> [Activity]:
Return copies of the lines below that mention "under".

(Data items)
+ + + + +

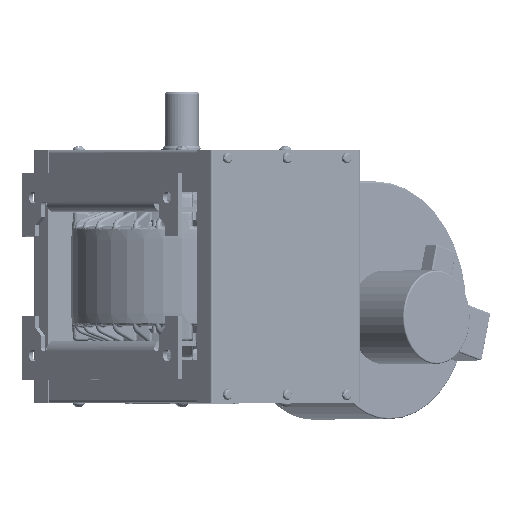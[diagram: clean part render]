
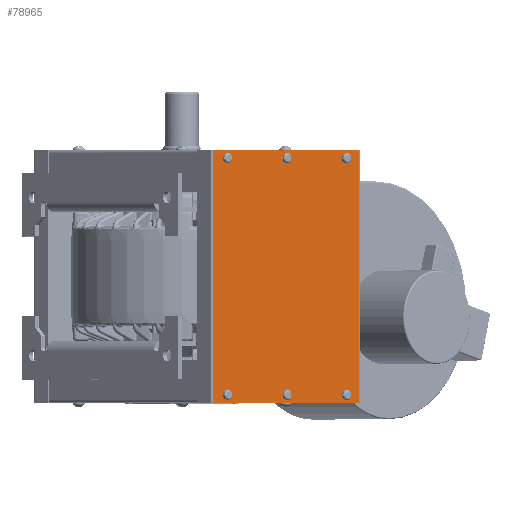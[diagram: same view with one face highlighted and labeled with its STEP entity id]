
A CAD part, top view. The second image highlights one B-rep face of the part: STEP entity #78965.
In plain terms, the highlighted planar face has unit normal (0.707, 0, 0.707).
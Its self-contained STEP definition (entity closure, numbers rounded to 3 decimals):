
#6102=FACE_BOUND('',#17327,.T.);
#6103=FACE_BOUND('',#17328,.T.);
#6104=FACE_BOUND('',#17329,.T.);
#6105=FACE_BOUND('',#17330,.T.);
#6106=FACE_BOUND('',#17331,.T.);
#6107=FACE_BOUND('',#17332,.T.);
#6929=PLANE('',#86214);
#12245=FACE_OUTER_BOUND('',#17326,.T.);
#17326=EDGE_LOOP('',(#67511,#67512,#67513,#67514));
#17327=EDGE_LOOP('',(#67515));
#17328=EDGE_LOOP('',(#67516));
#17329=EDGE_LOOP('',(#67517));
#17330=EDGE_LOOP('',(#67518));
#17331=EDGE_LOOP('',(#67519));
#17332=EDGE_LOOP('',(#67520));
#22267=CIRCLE('',#85956,0.246);
#22278=CIRCLE('',#85978,0.246);
#22322=CIRCLE('',#86066,0.246);
#22344=CIRCLE('',#86110,0.246);
#22402=CIRCLE('',#86215,0.246);
#22403=CIRCLE('',#86216,0.246);
#26178=LINE('',#201377,#29530);
#26179=LINE('',#201379,#29531);
#26180=LINE('',#201381,#29532);
#26181=LINE('',#201382,#29533);
#29530=VECTOR('',#102730,39.37);
#29531=VECTOR('',#102731,39.37);
#29532=VECTOR('',#102732,39.37);
#29533=VECTOR('',#102733,39.37);
#35798=VERTEX_POINT('',#200577);
#35811=VERTEX_POINT('',#200658);
#35863=VERTEX_POINT('',#200982);
#35889=VERTEX_POINT('',#201144);
#35941=VERTEX_POINT('',#201375);
#35942=VERTEX_POINT('',#201376);
#35943=VERTEX_POINT('',#201378);
#35944=VERTEX_POINT('',#201380);
#35945=VERTEX_POINT('',#201383);
#35946=VERTEX_POINT('',#201385);
#46460=EDGE_CURVE('',#35798,#35798,#22267,.T.);
#46481=EDGE_CURVE('',#35811,#35811,#22278,.T.);
#46565=EDGE_CURVE('',#35863,#35863,#22322,.T.);
#46607=EDGE_CURVE('',#35889,#35889,#22344,.T.);
#46702=EDGE_CURVE('',#35941,#35942,#26178,.T.);
#46703=EDGE_CURVE('',#35942,#35943,#26179,.T.);
#46704=EDGE_CURVE('',#35944,#35943,#26180,.T.);
#46705=EDGE_CURVE('',#35944,#35941,#26181,.T.);
#46706=EDGE_CURVE('',#35945,#35945,#22402,.T.);
#46707=EDGE_CURVE('',#35946,#35946,#22403,.T.);
#67511=ORIENTED_EDGE('',*,*,#46702,.T.);
#67512=ORIENTED_EDGE('',*,*,#46703,.T.);
#67513=ORIENTED_EDGE('',*,*,#46704,.F.);
#67514=ORIENTED_EDGE('',*,*,#46705,.T.);
#67515=ORIENTED_EDGE('',*,*,#46460,.T.);
#67516=ORIENTED_EDGE('',*,*,#46481,.T.);
#67517=ORIENTED_EDGE('',*,*,#46565,.T.);
#67518=ORIENTED_EDGE('',*,*,#46607,.T.);
#67519=ORIENTED_EDGE('',*,*,#46706,.F.);
#67520=ORIENTED_EDGE('',*,*,#46707,.F.);
#78965=ADVANCED_FACE('',(#12245,#6102,#6103,#6104,#6105,#6106,#6107),#6929,
 .F.);
#85956=AXIS2_PLACEMENT_3D('',#200579,#102137,#102138);
#85978=AXIS2_PLACEMENT_3D('',#200660,#102187,#102188);
#86066=AXIS2_PLACEMENT_3D('',#200984,#102387,#102388);
#86110=AXIS2_PLACEMENT_3D('',#201146,#102487,#102488);
#86214=AXIS2_PLACEMENT_3D('',#201374,#102728,#102729);
#86215=AXIS2_PLACEMENT_3D('',#201384,#102734,#102735);
#86216=AXIS2_PLACEMENT_3D('',#201386,#102736,#102737);
#102137=DIRECTION('center_axis',(-0.707,0.,
-0.707));
#102138=DIRECTION('ref_axis',(0.707,0.,-0.707));
#102187=DIRECTION('center_axis',(-0.707,0.,
-0.707));
#102188=DIRECTION('ref_axis',(0.707,0.,-0.707));
#102387=DIRECTION('center_axis',(-0.707,0.,
-0.707));
#102388=DIRECTION('ref_axis',(0.707,0.,-0.707));
#102487=DIRECTION('center_axis',(-0.707,0.,
-0.707));
#102488=DIRECTION('ref_axis',(0.707,0.,-0.707));
#102728=DIRECTION('center_axis',(-0.707,0.,
-0.707));
#102729=DIRECTION('ref_axis',(-0.707,0.,0.707));
#102730=DIRECTION('',(0.,-1.,0.));
#102731=DIRECTION('',(0.707,0.,-0.707));
#102732=DIRECTION('',(0.,-1.,0.));
#102733=DIRECTION('',(-0.707,0.,0.707));
#102734=DIRECTION('center_axis',(0.707,0.,
0.707));
#102735=DIRECTION('ref_axis',(0.707,0.,-0.707));
#102736=DIRECTION('center_axis',(0.707,0.,0.707));
#102737=DIRECTION('ref_axis',(0.707,0.,-0.707));
#200577=CARTESIAN_POINT('',(4.776,-3.875,3.709));
#200579=CARTESIAN_POINT('Origin',(4.95,-3.875,3.535));
#200658=CARTESIAN_POINT('',(1.947,7.375,6.538));
#200660=CARTESIAN_POINT('Origin',(2.121,7.375,6.364));
#200982=CARTESIAN_POINT('',(7.604,7.375,0.881));
#200984=CARTESIAN_POINT('Origin',(7.778,7.375,0.707));
#201144=CARTESIAN_POINT('',(1.947,-3.875,6.538));
#201146=CARTESIAN_POINT('Origin',(2.121,-3.875,6.364));
#201374=CARTESIAN_POINT('Origin',(8.485,1.75,0.));
#201375=CARTESIAN_POINT('',(1.483,7.75,7.002));
#201376=CARTESIAN_POINT('',(1.483,-4.25,7.002));
#201377=CARTESIAN_POINT('',(1.483,7.75,7.002));
#201378=CARTESIAN_POINT('',(8.416,-4.25,0.069));
#201379=CARTESIAN_POINT('',(8.485,-4.25,0.));
#201380=CARTESIAN_POINT('',(8.416,7.75,0.069));
#201381=CARTESIAN_POINT('',(8.416,-4.25,0.069));
#201382=CARTESIAN_POINT('',(8.485,7.75,0.));
#201383=CARTESIAN_POINT('',(7.604,-3.875,0.881));
#201384=CARTESIAN_POINT('Origin',(7.778,-3.875,0.707));
#201385=CARTESIAN_POINT('',(4.776,7.375,3.709));
#201386=CARTESIAN_POINT('Origin',(4.95,7.375,3.535));
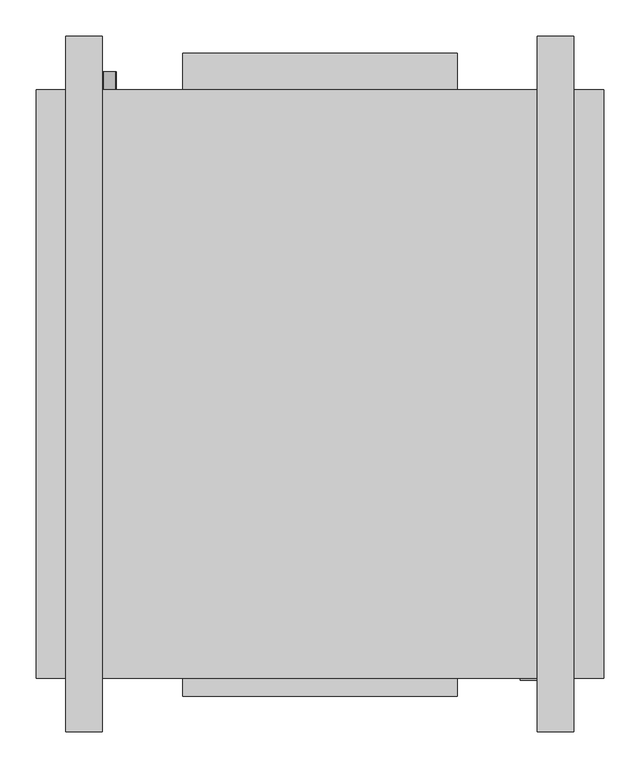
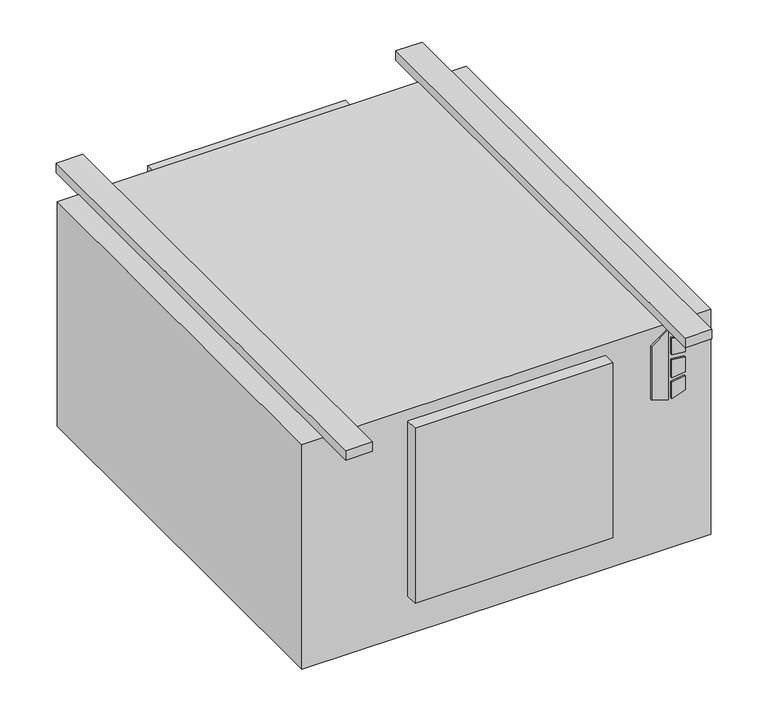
"""IFC4 building model written with IfcOpenShell, lengths in millimetres: proxy geometry, Concealed_High_Capacity_Horizontal_Cabinet_Fan_Coil_Unit_-_HXY_-_IEC_-_4-Pipe_LH_2022 : Size 06 - 277v/60Hz/1Ph - 6/2 Coil."""

from ifc_helpers import new_model, si_unit, point, frame, frame_2d, origin, origin_with_axes, place, context, project, spatial, polyline, circle_curve, trimmed, segment, composite_curve, outline, extrude, source, transform, mapped, element, save


def mechanical_equipment_ffe0c2fb(model_context):
    return source(origin(), model_context, "Body", "SweptSolid", [
        extrude(outline(polyline([(-142.4519297, 430.2868862), (-152.4, 462.4602728), (-10.2290756, 462.4602728), (-33.2510817, 430.2868862), (-142.4519297, 430.2868862)])), frame((0.0, -649.2875, 0.0), z_axis=(0.0, 1.0, 0.0), x_axis=(0.0, 0.0, 1.0)), (0.0, 0.0, 1.0), 3.175),
        extrude(outline(polyline([(-63.4526443, 469.2186058), (-66.6550368, 495.3), (-37.4261958, 495.3), (-29.3617807, 469.2186058), (-63.4526443, 469.2186058)])), frame((0.0, -649.2875, 0.0), z_axis=(0.0, 1.0, 0.0), x_axis=(0.0, 0.0, 1.0)), (0.0, 0.0, 1.0), 3.175),
        extrude(outline(polyline([(-115.3161712, 495.3), (-118.9816721, 469.2186058), (-152.4, 469.2186058), (-143.7657628, 495.3), (-115.3161712, 495.3)])), frame((0.0, -649.2875, 0.0), z_axis=(0.0, 1.0, 0.0), x_axis=(0.0, 0.0, 1.0)), (0.0, 0.0, 1.0), 3.175),
        extrude(outline(polyline([(-76.0010097, 495.3), (-73.7191834, 469.2186058), (-109.6567319, 469.2186058), (-106.9154669, 495.3), (-76.0010097, 495.3)])), frame((0.0, -649.2875, 0.0), z_axis=(0.0, 1.0, 0.0), x_axis=(0.0, 0.0, 1.0)), (0.0, 0.0, 1.0), 3.175),
        extrude(outline(composite_curve([segment(trimmed(circle_curve(frame_2d((-406.4, -139.7)), 9.525), [point((-406.4, -149.225))], [point((-406.4, -130.175))], False, "CARTESIAN"), True, "CONTINUOUS"), segment(trimmed(circle_curve(frame_2d((-406.4, -139.7)), 9.525), [point((-406.4, -130.175))], [point((-406.4, -149.225))], False, "CARTESIAN"), True, "CONTINUOUS")], self_intersect=False)), frame((0.0, 169.8625, 0.0), z_axis=(0.0, 1.0, 0.0), x_axis=(0.0, 0.0, 1.0)), (0.0, 0.0, 1.0), 25.4),
        extrude(outline(composite_curve([segment(trimmed(circle_curve(frame_2d((-330.2, -139.7)), 7.9375), [point((-330.2, -147.6375))], [point((-330.2, -131.7625))], False, "CARTESIAN"), True, "CONTINUOUS"), segment(trimmed(circle_curve(frame_2d((-330.2, -139.7)), 7.9375), [point((-330.2, -131.7625))], [point((-330.2, -147.6375))], False, "CARTESIAN"), True, "CONTINUOUS")], self_intersect=False)), frame((0.0, 169.8625, 0.0), z_axis=(0.0, 1.0, 0.0), x_axis=(0.0, 0.0, 1.0)), (0.0, 0.0, 1.0), 25.4),
        extrude(outline(composite_curve([segment(trimmed(circle_curve(frame_2d((-254.0, -139.7)), 7.9375), [point((-254.0, -147.6375))], [point((-254.0, -131.7625))], False, "CARTESIAN"), True, "CONTINUOUS"), segment(trimmed(circle_curve(frame_2d((-254.0, -139.7)), 7.9375), [point((-254.0, -131.7625))], [point((-254.0, -147.6375))], False, "CARTESIAN"), True, "CONTINUOUS")], self_intersect=False)), frame((0.0, 169.8625, 0.0), z_axis=(0.0, 1.0, 0.0), x_axis=(0.0, 0.0, 1.0)), (0.0, 0.0, 1.0), 25.4),
        extrude(outline(composite_curve([segment(trimmed(circle_curve(frame_2d((-177.8, -139.7)), 7.9375), [point((-177.8, -147.6375))], [point((-177.8, -131.7625))], False, "CARTESIAN"), True, "CONTINUOUS"), segment(trimmed(circle_curve(frame_2d((-177.8, -139.7)), 7.9375), [point((-177.8, -131.7625))], [point((-177.8, -147.6375))], False, "CARTESIAN"), True, "CONTINUOUS")], self_intersect=False)), frame((0.0, 169.8625, 0.0), z_axis=(0.0, 1.0, 0.0), x_axis=(0.0, 0.0, 1.0)), (0.0, 0.0, 1.0), 25.4),
        extrude(outline(composite_curve([segment(trimmed(circle_curve(frame_2d((-101.6, -139.7)), 7.9375), [point((-101.6, -147.6375))], [point((-101.6, -131.7625))], False, "CARTESIAN"), True, "CONTINUOUS"), segment(trimmed(circle_curve(frame_2d((-101.6, -139.7)), 7.9375), [point((-101.6, -131.7625))], [point((-101.6, -147.6375))], False, "CARTESIAN"), True, "CONTINUOUS")], self_intersect=False)), frame((0.0, 169.8625, 0.0), z_axis=(0.0, 1.0, 0.0), x_axis=(0.0, 0.0, 1.0)), (0.0, 0.0, 1.0), 25.4),
        extrude(outline(polyline([(546.1, 169.8625), (546.1, -646.1125), (-241.3, -646.1125), (-241.3, 169.8625), (546.1, 169.8625)])), frame((0.0, 0.0, -457.2), z_axis=(0.0, 0.0, 1.0), x_axis=(1.0, 0.0, 0.0)), (0.0, 0.0, 1.0), 457.2),
        extrude(outline(polyline([(-38.1, 220.6625), (342.9, 220.6625), (342.9, 169.8625), (-38.1, 169.8625), (-38.1, 220.6625)])), frame((0.0, 0.0, -377.825), z_axis=(0.0, 0.0, 1.0), x_axis=(1.0, 0.0, 0.0)), (0.0, 0.0, 1.0), 349.25),
        extrude(outline(polyline([(-149.225, 244.475), (-149.225, -720.725), (-200.025, -720.725), (-200.025, 244.475), (-149.225, 244.475)])), origin_with_axes(), (0.0, 0.0, 1.0), 19.05),
        extrude(outline(polyline([(504.825, 244.475), (504.825, -720.725), (454.025, -720.725), (454.025, 244.475), (504.825, 244.475)])), origin_with_axes(), (0.0, 0.0, 1.0), 19.05),
        extrude(outline(polyline([(342.9, -671.5125), (-38.1, -671.5125), (-38.1, -646.1125), (342.9, -646.1125), (342.9, -671.5125)])), frame((0.0, 0.0, -377.825), z_axis=(0.0, 0.0, 1.0), x_axis=(1.0, 0.0, 0.0)), (0.0, 0.0, 1.0), 355.6),
    ])


if __name__ == "__main__":
    model = new_model("IFC4")
    model_context = context("Model", 3, world=origin())
    ifc_project = project(units=[si_unit("LENGTHUNIT", "METRE", prefix="MILLI")], contexts=[model_context])
    site = spatial("IfcSite", under=ifc_project)
    building = spatial("IfcBuilding", under=site)
    placement = place(None, origin())
    mechanical_equipment_shape = mechanical_equipment_ffe0c2fb(model_context)
    element("IfcBuildingElementProxy", 1, Name="Concealed_High_Capacity_Horizontal_Cabinet_Fan_Coil_Unit_-_HXY_-_IEC_-_4-Pipe_LH_2022 : Size 06 - 277v/60Hz/1Ph - 6/2 Coil", ObjectType="Concealed_High_Capacity_Horizontal_Cabinet_Fan_Coil_Unit_-_HXY_-_IEC_-_4-Pipe_LH_2022 : Size 06 - 277v/60Hz/1Ph - 6/2 Coil", at=placement, inside=building, context=model_context, shape_type="MappedRepresentation", body=[
        mapped(mechanical_equipment_shape, transform((0.0, 0.0, 0.0), x_axis=(1.0, 0.0, 0.0), y_axis=(0.0, 1.0, 0.0), z_axis=(0.0, 0.0, 1.0))),
    ])
    save(model, "model.ifc")

+ + + + +

> [Result of the task]:
    site = spatial("IfcSite", under=ifc_project)
    building = spatial("IfcBuilding", under=site)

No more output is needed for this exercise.